Any advice is appreciated as always!

Thanks


----------



## NaomiR (Jan 26, 2009)

My ground squirrel is about one and a half, he was 10-12 months old when I got him. He'd been bought as part of a pair but the female had escaped (they're excellent at escaping) and his constant "peeping" was driving his owners insane :lol2:
He hardly ever peeps now, only when he's alarmed like when someone new comes to see him and he can't see or hear me for re assurance.

He has bonded with me very well and although I know he can bite he's never bitten me, he has tried though I'm just careful not to let him. I'm not sure it would hurt because he tends to nip at my clothing but it's not to destroy it, more to sort of taste it??

When we first got him we taught him to get into a tube so we could move him from his cage into his run and back again. But now he comes to me and I cuddle him for a bit before putting him into his run or back in his cage.

I fuss him a lot both in and out of his cage, he loves having his head petted and purrs.

He has escaped twice, once from his cage (I left a sliding door unfastened) and once from a run (which he just lifted and climbed out of the bottom) and both times I've found him and he's come back to me no problems.
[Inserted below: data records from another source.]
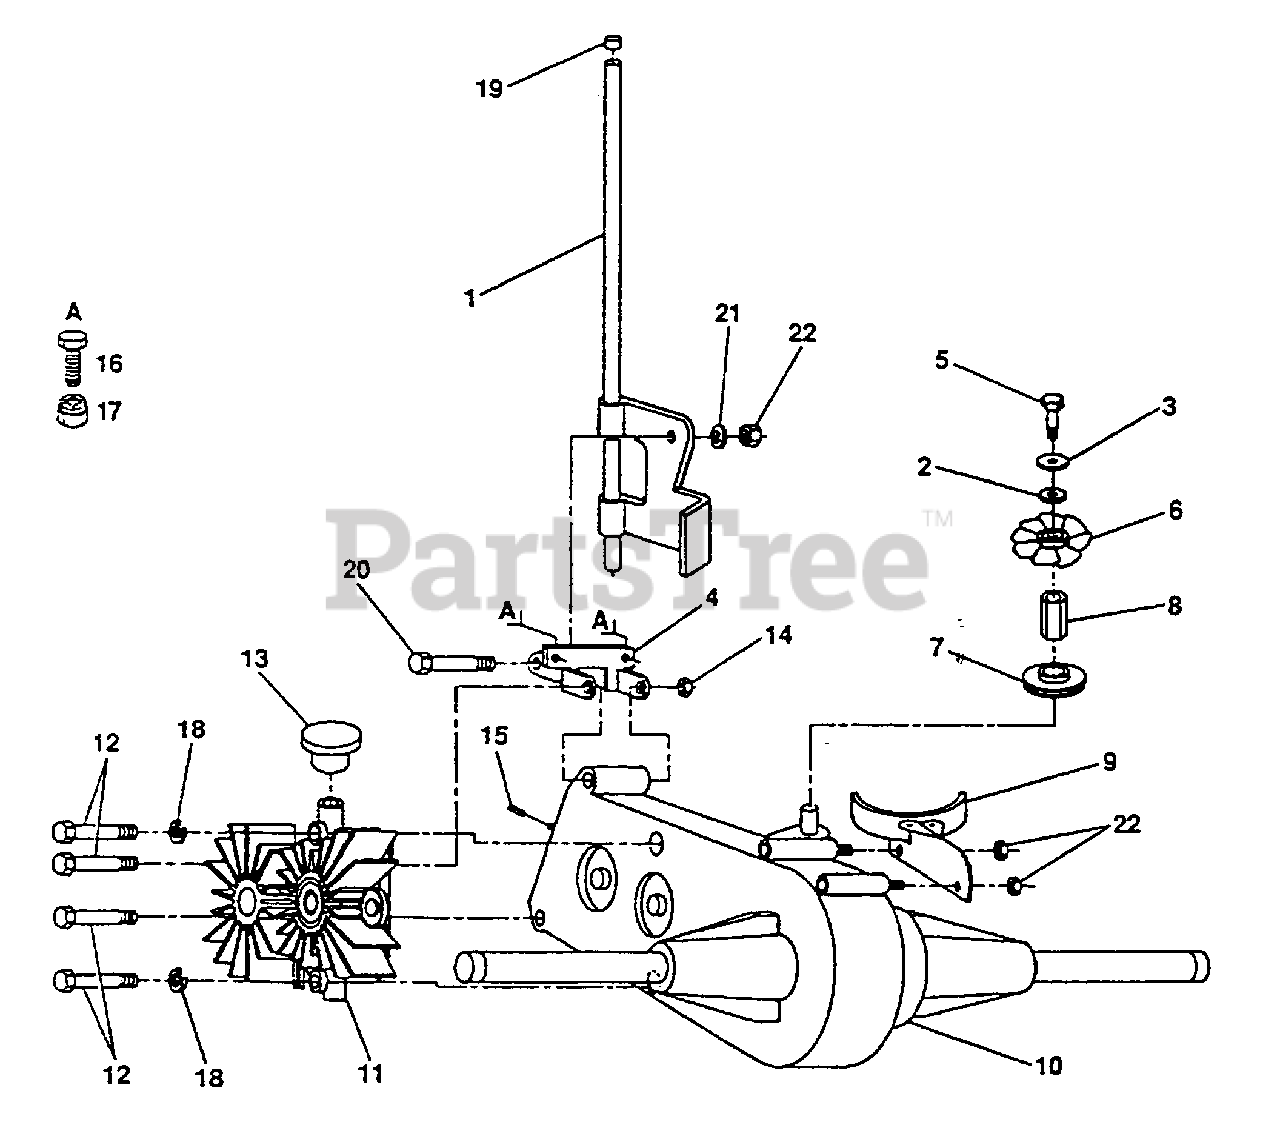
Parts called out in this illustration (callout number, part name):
1	Free Wheel Control Assembly (AYP part number)
2	Washer 9/32 x 1-1/4 x 16 Gauge (AYP part number)
3	Washer, Lock 1/4 (AYP part number)
4	Bracket, Pnt., Mounting, Differential (AYP part number)
5	Bolt, Hex 1/4-20 UNC x 3/4 (AYP part number)
6	Fan, Hydro, 8" (AYP part number)
7	Pulley, Transaxle (AYP part number)
8	Standoff, Fan, Hydro (AYP part number)
9	Guard Assembly, Belt (AYP part number)
10	Differential Assembly (AYP part number)
11	Pump Assembly (AYP part number)
12	Bolt, Hex, Fin 5/16-18 UNC x 4-1/2 (AYP part number)
13	Reservoir, Pump (AYP part number)
14	Nut, Crownlock 5/16-18
15	Spring, Compression (AYP part number)
16	Bolt 3/8-16 x 3/4 (AYP part number)
17	Nut 3/8-16 UNC
18	Washer, Lock (AYP part number)
19	Cap (AYP part number)
20	Bolt, Shoulder 1/4-20 UNC (AYP part number)
21	Washer, Nylon (AYP part number)
22	Nut, Crownlock 1/4-20 UNC (AYP part number)

I love him and I absolutly LOVE having him. He does have a smell to him which is what my OH describes as smokey bacon but I don't find it that specific. Anyway here's some pictures of him for you





































He is a really gorgeous boy and he's become a dear friend. I'm not "scared" of him but I don't loose sight of the fact he still a "wild" animal and he could (if he wanted to) do some damage. Just got to make sure he doesn't want to :2thumb:


----------



## kellystewart (May 11, 2010)

*googly eyes*

Oh he is gorgeous  look bigger than what I thought.
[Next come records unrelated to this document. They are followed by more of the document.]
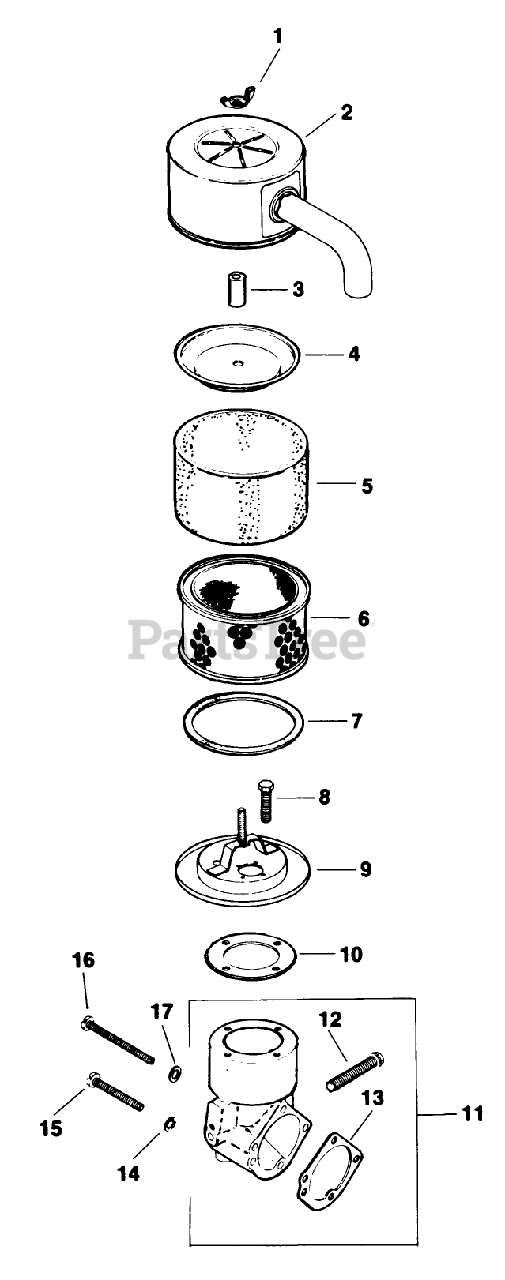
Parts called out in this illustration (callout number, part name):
1	Nut-Wing
2	Cover-Air Cleaner
3	Seal
4	Cover-Inner
5	Element
6	Element
7	Seal
8	Screw-H.C.
9	Base-Air Cleaner
10	Gasket-Air Cleaner
11	Kit-Elbow (Incl. Ref. #12 & 13)
12	Screw-H.C
13	Gasket-Elbow
14	Washer
15	Screw-R.H.M.
16	Screw-R.H.M.
17	Washer
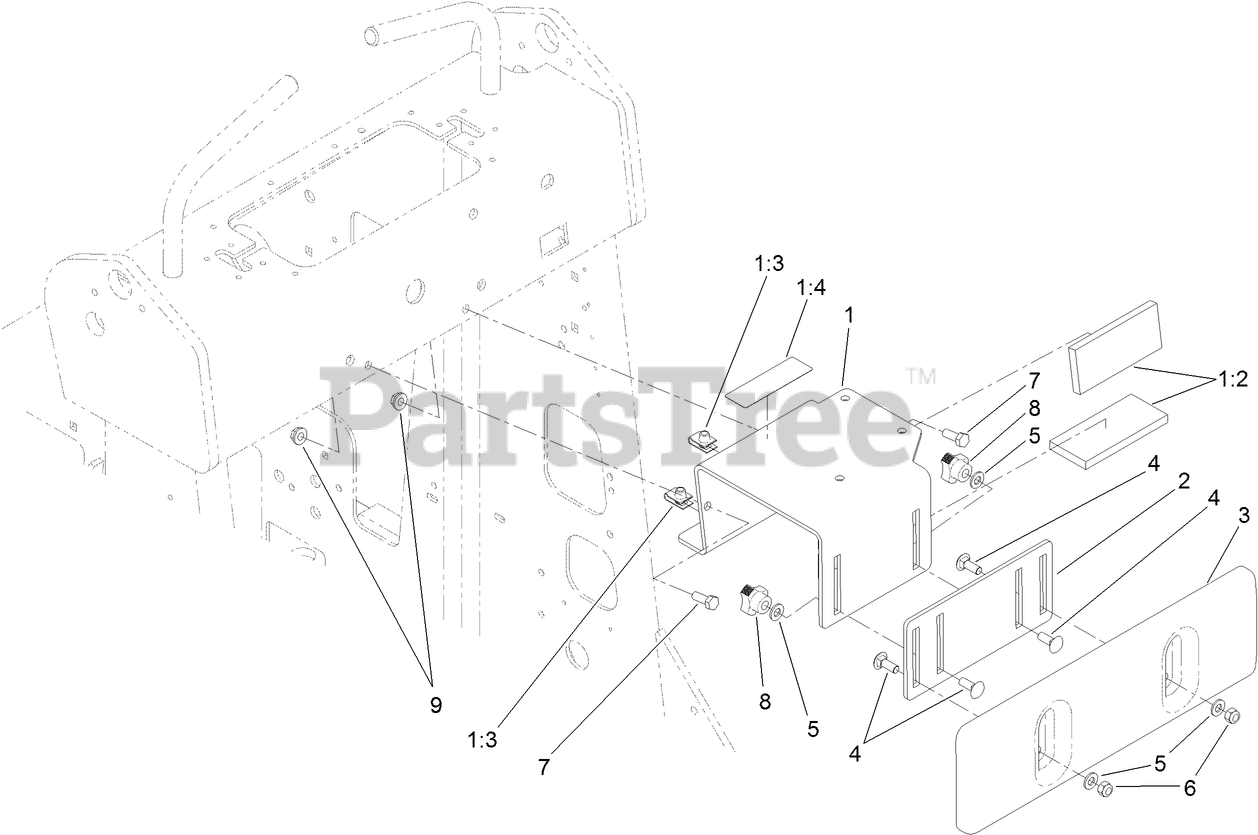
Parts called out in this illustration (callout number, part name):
1	THIGH SUPPORT BRACKET ASM
1:2	PAD-FOAM
1:3	NUT-CLIP, U
1:4	DECAL-MANUAL
2	PLATE-ADJUSTING
3	SUPPORT-THIGH
4	SCREW-CARR
5	WASHER-FLAT
6	NUT-LOCK, NI
7	SCREW-HH
8	Knob-Adjustment
9	NUT-HF

So they do like attention then, not like hamsters that just run away kamikaze stylee? lol


----------



## Shadowz (Aug 6, 2008)

I was gonna say that he look much much bigger then I expected. 
Only seen them over that Pet shop In Gillingham but they were quite small.


----------



## oddsleepjunkie (Jul 11, 2009)

Awwwwwwwwwwwwww :flrt:


----------



## Nix (Jan 23, 2008)

Awwh he is a lovely lad!


----------